As nossas crianças precisam de aprender a esperar!
Não me recordo de ter formalmente
aprendido a ser paciente.
Mas lembro-me, de tempos longínquos, de estar
em casa e sentir que não tinha nada para fazer, mas era um sentimento tão bom e
tão apaziguador que ficava apenas a olhar, a estar, a serenar, a …
Quando se aproximam umas quantas crianças
cheias de pressa e cada uma quer a minha atenção, no agora, em que o meu nome é
repetido milhentas vezes ao dia, (e acreditem que não estou a exagerar),
preciso de fazer uma ginástica mental e ir a todos os baús disponíveis buscar
paciência extra. Aquela que armazenei quando era miúda e ficava sentada apenas
a olhar…
Fico num instante rodeada de perguntas e
necessidades emergentes que não podem esperar, como se o momento acabasse, porque
tudo tem de ser para já.
Quando os vejo, ainda ao longe e tão perto, com
aquela ansiedade de chegar primeiro, um corpo em correria e sou abordada por
várias vozes que se sobrepõem, aquelas que estão a aprender a aguardar. Digo,
com voz firme: calma, um de cada vez. Mas, a vez, é de todos e sozinhos não
gerem a sua vez…
Lembro-me de esperar para ver os meus desenhos
preferidos,
lembro-me de esperar pelo autocarro para ir para
escola,
lembro-me de esperar pelo fim de semana para
estar com as minhas primas,
lembro-me de esperar pelo verão para comer um
gelado,
lembro-me de esperar que os meus pais acabassem
de falar,
lembro-me…
Não me lembro de fazer birrar e exigências,
porque (in)conscientemente estava a aprender a ter paciência.

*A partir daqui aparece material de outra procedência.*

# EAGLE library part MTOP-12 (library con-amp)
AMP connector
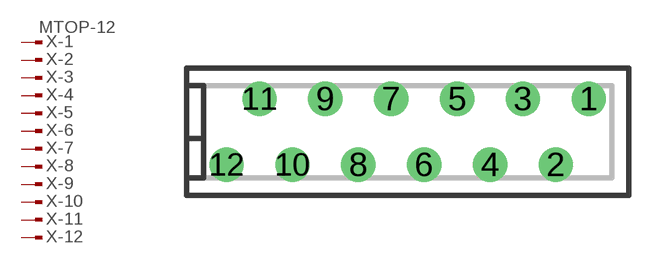
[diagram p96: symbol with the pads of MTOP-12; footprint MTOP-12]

Designator prefix X; gates -1=PIN-MV -2=PIN-M -3=PIN-M -4=PIN-M -5=PIN-M -6=PIN-M -7=PIN-M -8=PIN-M -9=PIN-M -10=PIN-M -11=PIN-M -12=PIN-M

## MTOP-12 (OC_FARNELL: unknown; OC_NEWARK: unknown)  [MTOP-12]
1  -1:1  pas
2  -2:1  pas
3  -3:1  pas
4  -4:1  pas
5  -5:1  pas
6  -6:1  pas
7  -7:1  pas
8  -8:1  pas
9  -9:1  pas
10  -10:1  pas
11  -11:1  pas
12  -12:1  pas

## Footprint MTOP-12 (pad centres in mm)
AMP connector
drill 0.813 round: 1 6.985,1.27; 2 5.715,-1.27; 3 4.445,1.27; 4 3.175,-1.27; 5 1.905,1.27; 6 0.635,-1.27; 7 -0.635,1.27; 8 -1.905,-1.27; 9 -3.175,1.27; 10 -4.445,-1.27; 11 -5.715,1.27; 12 -6.985,-1.27
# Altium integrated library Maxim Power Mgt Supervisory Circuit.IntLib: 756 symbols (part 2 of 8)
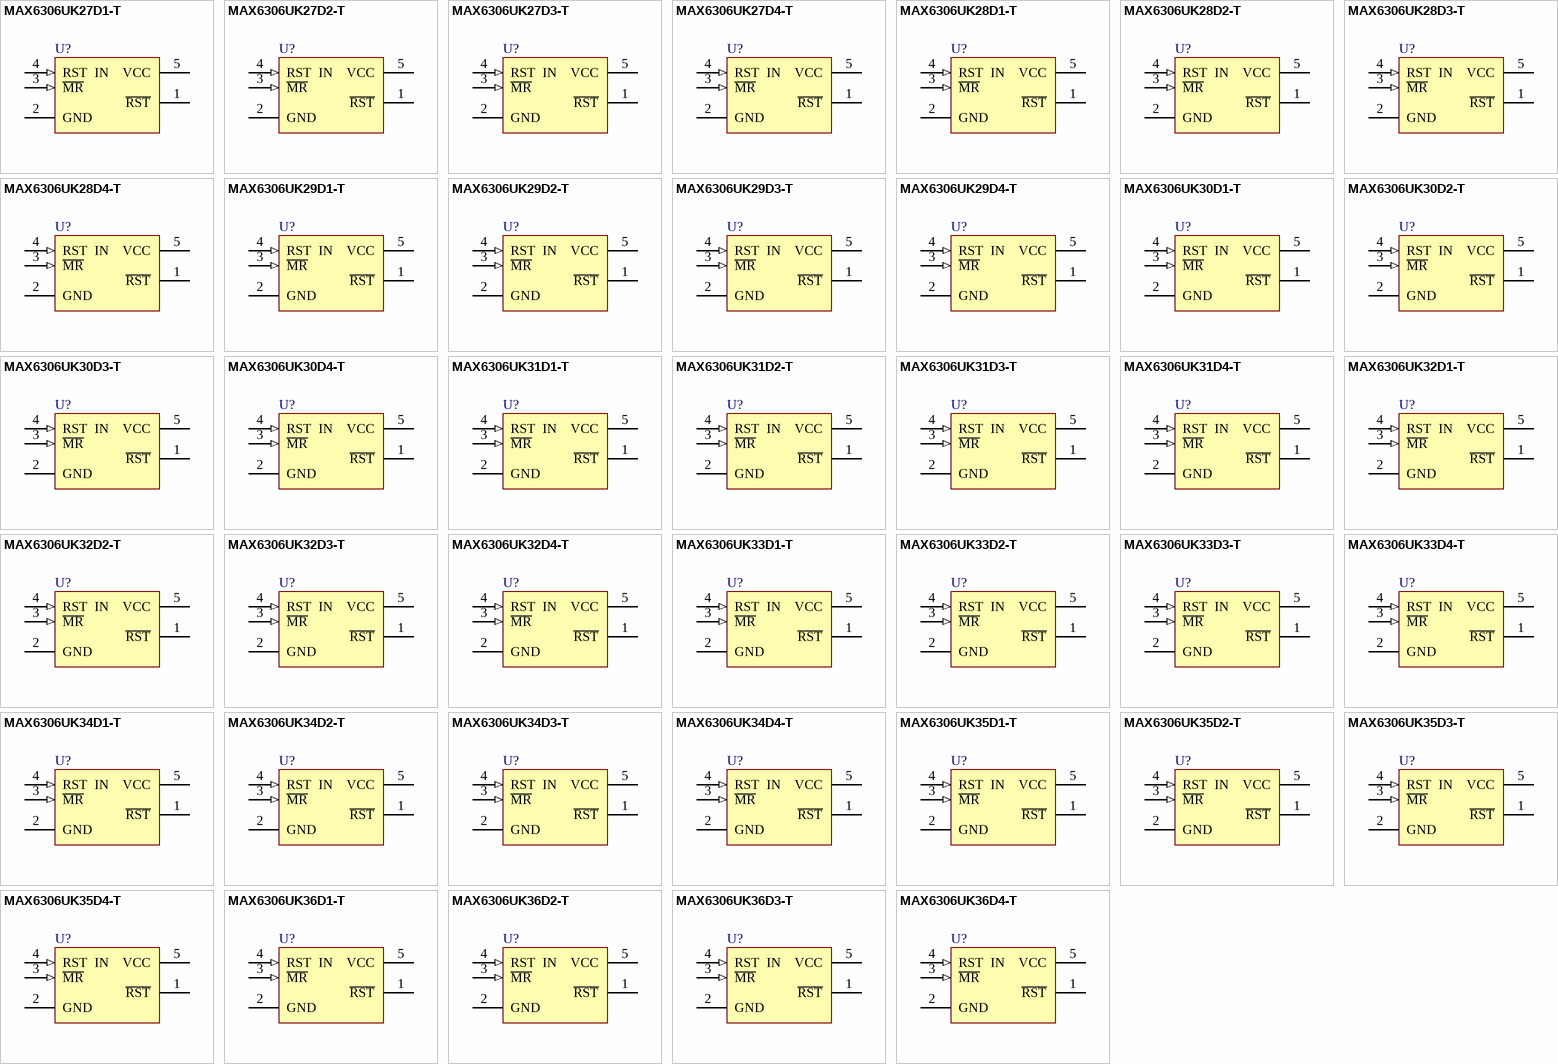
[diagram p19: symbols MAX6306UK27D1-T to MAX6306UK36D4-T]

## MAX6306UK34D4-T
designator U?
5-Pin, Multiple-Input, Programmable Reset IC
footprint SOT23-5_N (SOT23, 5-Leads, Body 2.9x1.6mm, Pitch 0.95mm, Lead Span 2.8mm, IPC Medium Density)
footprint SOT23-5_L (SOT23, 5-Leads, Body 2.9x1.6mm, Pitch 0.95mm, Lead Span 2.8mm, IPC High Density)
footprint SOT23-5_M (SOT23, 5-Leads, Body 2.9x1.6mm, Pitch 0.95mm, Lead Span 2.8mm, IPC Low Density)
pins: 1 ~{RST} (oc), 2 GND (power), 3 ~{MR} (in), 4 RST  IN (in), 5 VCC (power)

## MAX6306UK35D1-T
designator U?
5-Pin, Multiple-Input, Programmable Reset IC
footprint SOT23-5_N (SOT23, 5-Leads, Body 2.9x1.6mm, Pitch 0.95mm, Lead Span 2.8mm, IPC Medium Density)
footprint SOT23-5_L (SOT23, 5-Leads, Body 2.9x1.6mm, Pitch 0.95mm, Lead Span 2.8mm, IPC High Density)
footprint SOT23-5_M (SOT23, 5-Leads, Body 2.9x1.6mm, Pitch 0.95mm, Lead Span 2.8mm, IPC Low Density)
pins: 1 ~{RST} (oc), 2 GND (power), 3 ~{MR} (in), 4 RST  IN (in), 5 VCC (power)

## MAX6306UK35D2-T
designator U?
5-Pin, Multiple-Input, Programmable Reset IC
footprint SOT23-5_N (SOT23, 5-Leads, Body 2.9x1.6mm, Pitch 0.95mm, Lead Span 2.8mm, IPC Medium Density)
footprint SOT23-5_L (SOT23, 5-Leads, Body 2.9x1.6mm, Pitch 0.95mm, Lead Span 2.8mm, IPC High Density)
footprint SOT23-5_M (SOT23, 5-Leads, Body 2.9x1.6mm, Pitch 0.95mm, Lead Span 2.8mm, IPC Low Density)
pins: 1 ~{RST} (oc), 2 GND (power), 3 ~{MR} (in), 4 RST  IN (in), 5 VCC (power)

## MAX6306UK35D3-T
designator U?
5-Pin, Multiple-Input, Programmable Reset IC
footprint SOT23-5_N (SOT23, 5-Leads, Body 2.9x1.6mm, Pitch 0.95mm, Lead Span 2.8mm, IPC Medium Density)
footprint SOT23-5_L (SOT23, 5-Leads, Body 2.9x1.6mm, Pitch 0.95mm, Lead Span 2.8mm, IPC High Density)
footprint SOT23-5_M (SOT23, 5-Leads, Body 2.9x1.6mm, Pitch 0.95mm, Lead Span 2.8mm, IPC Low Density)
pins: 1 ~{RST} (oc), 2 GND (power), 3 ~{MR} (in), 4 RST  IN (in), 5 VCC (power)

## MAX6306UK35D4-T
designator U?
5-Pin, Multiple-Input, Programmable Reset IC
footprint SOT23-5_N (SOT23, 5-Leads, Body 2.9x1.6mm, Pitch 0.95mm, Lead Span 2.8mm, IPC Medium Density)
footprint SOT23-5_L (SOT23, 5-Leads, Body 2.9x1.6mm, Pitch 0.95mm, Lead Span 2.8mm, IPC High Density)
footprint SOT23-5_M (SOT23, 5-Leads, Body 2.9x1.6mm, Pitch 0.95mm, Lead Span 2.8mm, IPC Low Density)
pins: 1 ~{RST} (oc), 2 GND (power), 3 ~{MR} (in), 4 RST  IN (in), 5 VCC (power)

## MAX6306UK36D1-T
designator U?
5-Pin, Multiple-Input, Programmable Reset IC
footprint SOT23-5_N (SOT23, 5-Leads, Body 2.9x1.6mm, Pitch 0.95mm, Lead Span 2.8mm, IPC Medium Density)
footprint SOT23-5_L (SOT23, 5-Leads, Body 2.9x1.6mm, Pitch 0.95mm, Lead Span 2.8mm, IPC High Density)
footprint SOT23-5_M (SOT23, 5-Leads, Body 2.9x1.6mm, Pitch 0.95mm, Lead Span 2.8mm, IPC Low Density)
pins: 1 ~{RST} (oc), 2 GND (power), 3 ~{MR} (in), 4 RST  IN (in), 5 VCC (power)

## MAX6306UK36D2-T
designator U?
5-Pin, Multiple-Input, Programmable Reset IC
footprint SOT23-5_N (SOT23, 5-Leads, Body 2.9x1.6mm, Pitch 0.95mm, Lead Span 2.8mm, IPC Medium Density)
footprint SOT23-5_L (SOT23, 5-Leads, Body 2.9x1.6mm, Pitch 0.95mm, Lead Span 2.8mm, IPC High Density)
footprint SOT23-5_M (SOT23, 5-Leads, Body 2.9x1.6mm, Pitch 0.95mm, Lead Span 2.8mm, IPC Low Density)
pins: 1 ~{RST} (oc), 2 GND (power), 3 ~{MR} (in), 4 RST  IN (in), 5 VCC (power)

## MAX6306UK36D3-T
designator U?
5-Pin, Multiple-Input, Programmable Reset IC
footprint SOT23-5_N (SOT23, 5-Leads, Body 2.9x1.6mm, Pitch 0.95mm, Lead Span 2.8mm, IPC Medium Density)
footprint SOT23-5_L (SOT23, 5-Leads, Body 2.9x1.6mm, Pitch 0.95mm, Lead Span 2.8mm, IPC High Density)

Hoje, pensemos: em que momento as crianças
exercitam a paciência?
Os desenhos animados estão disponíveis a
qualquer hora, a par da Internet que fornece uma imensidão de conteúdos. O
autocarro deu lugar ao carro minimizando tempos de espera. O gelado come-se em
qualquer estação do ano e as visitas fazem-se quando queremos, já se fala no
natal e ainda não chegaram as férias grandes. – Tudo ao alcance de um “já”.
Coisas boas, claro que sim, muitas, mas não
permitamos que o “agora” seja feito com exigência e arrogância, que roçam a má
educação. Que o seu “eu” não se sobreponha ao do outro, que haja humildade de
reconhecer que o outro também tem um “agora”.
A paciência que as nossas crianças desenvolvem
dentro de casa, as tornará, num amigo que respeita as diferenças e um ser
humano capaz de se dar, o tempo necessário, para refletir sobre o que vê,
ouve e lê!
Dê o exemplo: seja paciente.
Natália Correia
(Re)EDUCAR…. Do meu ponto de vista!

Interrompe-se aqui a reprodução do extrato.